Data records Block Start
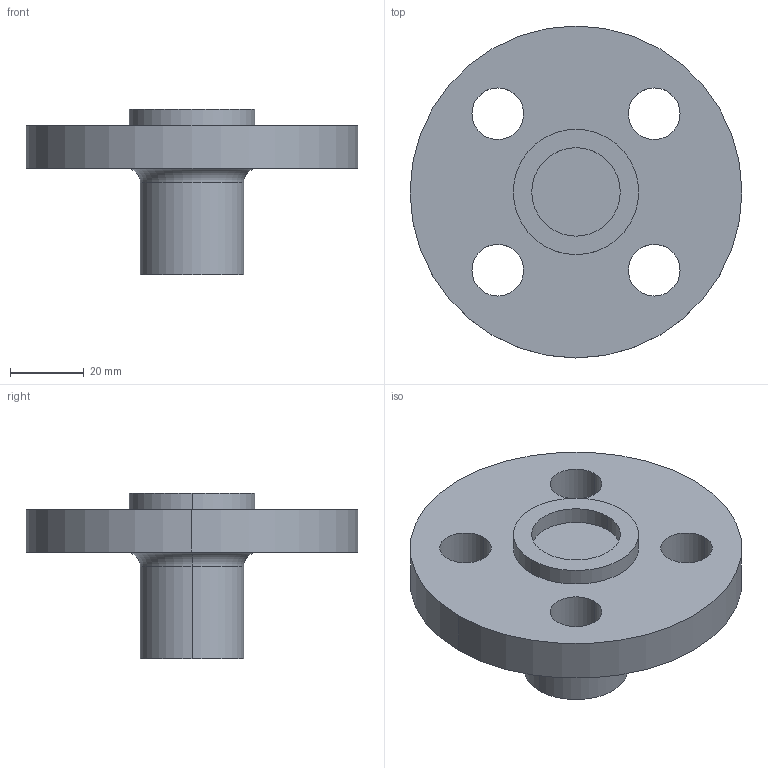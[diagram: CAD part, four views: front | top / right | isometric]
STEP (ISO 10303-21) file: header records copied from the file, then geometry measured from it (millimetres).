
FILE_DESCRIPTION (( 'STEP AP214' ), '1' );
FILE_NAME ('PN40 DN10 Type 21(i) - Type C Face.STEP', '2018-12-29T05:08:36', ( '' ), ( '' ), 'SwSTEP 2.0', 'SolidWorks 2019', '' );
FILE_SCHEMA (( 'AUTOMOTIVE_DESIGN' ));
Length unit declared in the file: millimetre
Products named in the file (1): PN40 DN10 Type 21(i) - Type C Face
Bounding box: 90 x 90 x 45 mm (x, y, z)
Volume: 86306.7 mm3; surface area: 19993.7 mm2
Topology: 1 solids, 1 shells, 23 faces, 52 edges, 34 vertices
Faces by surface type: cylinder 16, plane 5, torus 2
Entity records: 716 total; most frequent: DIRECTION 136, CARTESIAN_POINT 110, ORIENTED_EDGE 104, AXIS2_PLACEMENT_3D 60, EDGE_CURVE 52, CIRCLE 36, VERTEX_POINT 34, EDGE_LOOP 34
Data records Block End
▸ Exercise: Your output should be the records above, duplicated exactly and picture-free.

▸ Your solution:
[diagram: CAD part, four views: front | top / right | isometric]
STEP (ISO 10303-21) file: header records copied from the file, then geometry measured from it (millimetres).
FILE_DESCRIPTION (( 'STEP AP214' ), '1' );
FILE_NAME ('PN40 DN10 Type 21(i) - Type C Face.STEP', '2018-12-29T05:08:36', ( '' ), ( '' ), 'SwSTEP 2.0', 'SolidWorks 2019', '' );
FILE_SCHEMA (( 'AUTOMOTIVE_DESIGN' ));
Length unit declared in the file: millimetre
Products named in the file (1): PN40 DN10 Type 21(i) - Type C Face
Bounding box: 90 x 90 x 45 mm (x, y, z)
Volume: 86306.7 mm3; surface area: 19993.7 mm2
Topology: 1 solids, 1 shells, 23 faces, 52 edges, 34 vertices
Faces by surface type: cylinder 16, plane 5, torus 2
Entity records: 716 total; most frequent: DIRECTION 136, CARTESIAN_POINT 110, ORIENTED_EDGE 104, AXIS2_PLACEMENT_3D 60, EDGE_CURVE 52, CIRCLE 36, VERTEX_POINT 34, EDGE_LOOP 34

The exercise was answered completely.